Markets Eye CPI as Strong NFP Boosts Dollar Outlook
EUR/USD trades below major moving averages after support break
The US Dollar posted substantial gains after the release of the Non-Farm Payrolls (NFP) report on Friday; the NFP showed that 172K new jobs were created last month, more than double the forecast of 85K. A strong labor market, coupled with concerns of rising inflation due to high oil prices, could trigger a shift towards a more hawkish stance of the Fed, and possibly higher interest rates.
The US – Iran peace talks are at a stalemate, and tensions flared up last week with multiple violent clashes reported. The Strait of Hormuz is still closed, which means that the oil price remains elevated and inflationary pressures grow. As part of a deal, Tehran leaders have asked for a ceasefire between Israel and Lebanon – this would also be a condition for the reopening of the Strait.
This week, attention will turn to US inflation with the release of the CPI report, which will show the extent of the impact from higher oil prices.
Economic Calendar Highlights
There are no major releases throughout the first two days of the week, but action will pick up on Wednesday, with the release of the US Consumer Price Index (CPI), scheduled at 12:30 pm GMT. The monthly Core CPI is expected to jump 0.5% from the previous 0.4%, but the headline CPI is expected to drop 0.3% from the previous 0.6%. Higher inflation eventually leads to a hawkish Fed (higher rates). According to the CME FedWatch tool, at the time of writing, there’s a 95.4% chance the Fed will maintain the rate unchanged at the June meeting.
Traders’ attention will shift towards the euro on Thursday, as the European Central Bank (ECB) is expected to raise the interest rate from the current 2.15% to 2.40%. The release is scheduled for 12:15 pm GMT and will be followed at 12:45 pm GMT by the ECB press conference, where ECB President Christine Lagarde will discuss the interest rate decision and will probably provide clues on the ECB’s next moves.

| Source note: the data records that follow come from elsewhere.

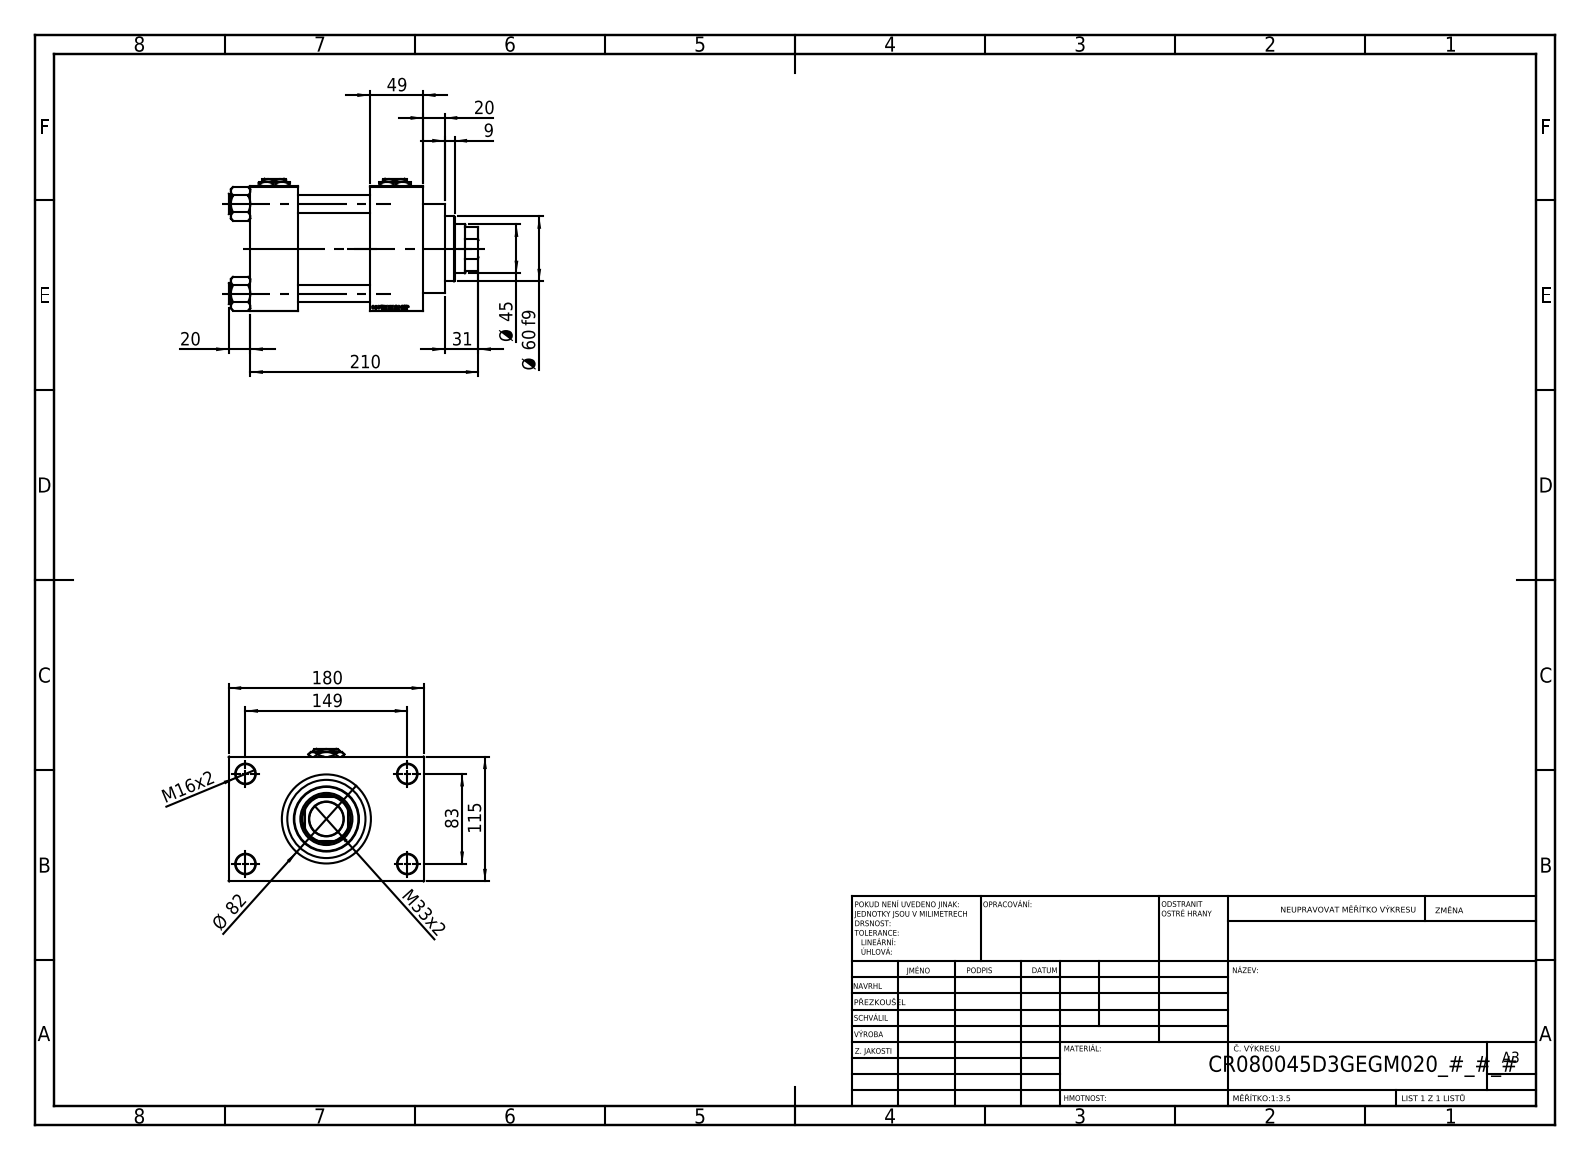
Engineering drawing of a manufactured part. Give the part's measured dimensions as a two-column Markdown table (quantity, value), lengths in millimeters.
| quantity | value |
| --- | --- |
| part name | Zatka_pro_OIL_PORT; V215_VC_A; NUT_M5_D; V215CR_VCP_D (+2 more) |
| STEP written by | SolidWorks 2019 (CONFIG_CONTROL_DESIGN) |
| units | millimeters |
| bodies | 13 solids, 1253 faces (593 planar, 100 cylindrical, 560 other) |
| overall size | 230 × 180 × 122 |
| volume | 2 008 000 mm³ |
| surface area | 306 468 mm² |
| round holes (diameter × count) | 16 × 4, 18 × 4, 7 × 2, 26.44 × 2, 35 × 2, 31.5 × 1, 45 × 1, 48 × 1, 61 × 1, 72 × 1, 80 × 1 |
| round bosses / shafts (diameter × count) | 19 × 4, 86 × 1, 82 × 1, 60 × 1 |
| partial cylindrical surfaces (radius × count) | 22 × 1 |
| main face-to-face distances | 115, 110, 66, 49, 44, 159, 147.5, 32.5, 20, 69 |
| hole center spacings | 33.15, 58.48, 82.7, 85.28, 89.24, 115.85, 142.43, 83 |

The US Producer Price Index (PPI) will also be released on Thursday, at 12:30 pm GMT. The indicator has inflationary implications because a higher price charged by producers will eventually be passed on to the consumer.
Technical Outlook – EUR/USD
The dollar ended last week very strong, after a lot of back-and-forth on the support at 1.1600. Now this key support is clearly broken, and the pair is trading below all three moving averages (50-day, 100-day, and 200-day MAs).
The next probable destination is the support at 1.1400, where we will likely see a bounce higher. If/when the pair reaches the mentioned support, the RSI will probably become oversold, raising the probability of a bounce higher. A break of 1.1400 would mark the end of the long-term trading range between 1.1900 and 1.1400.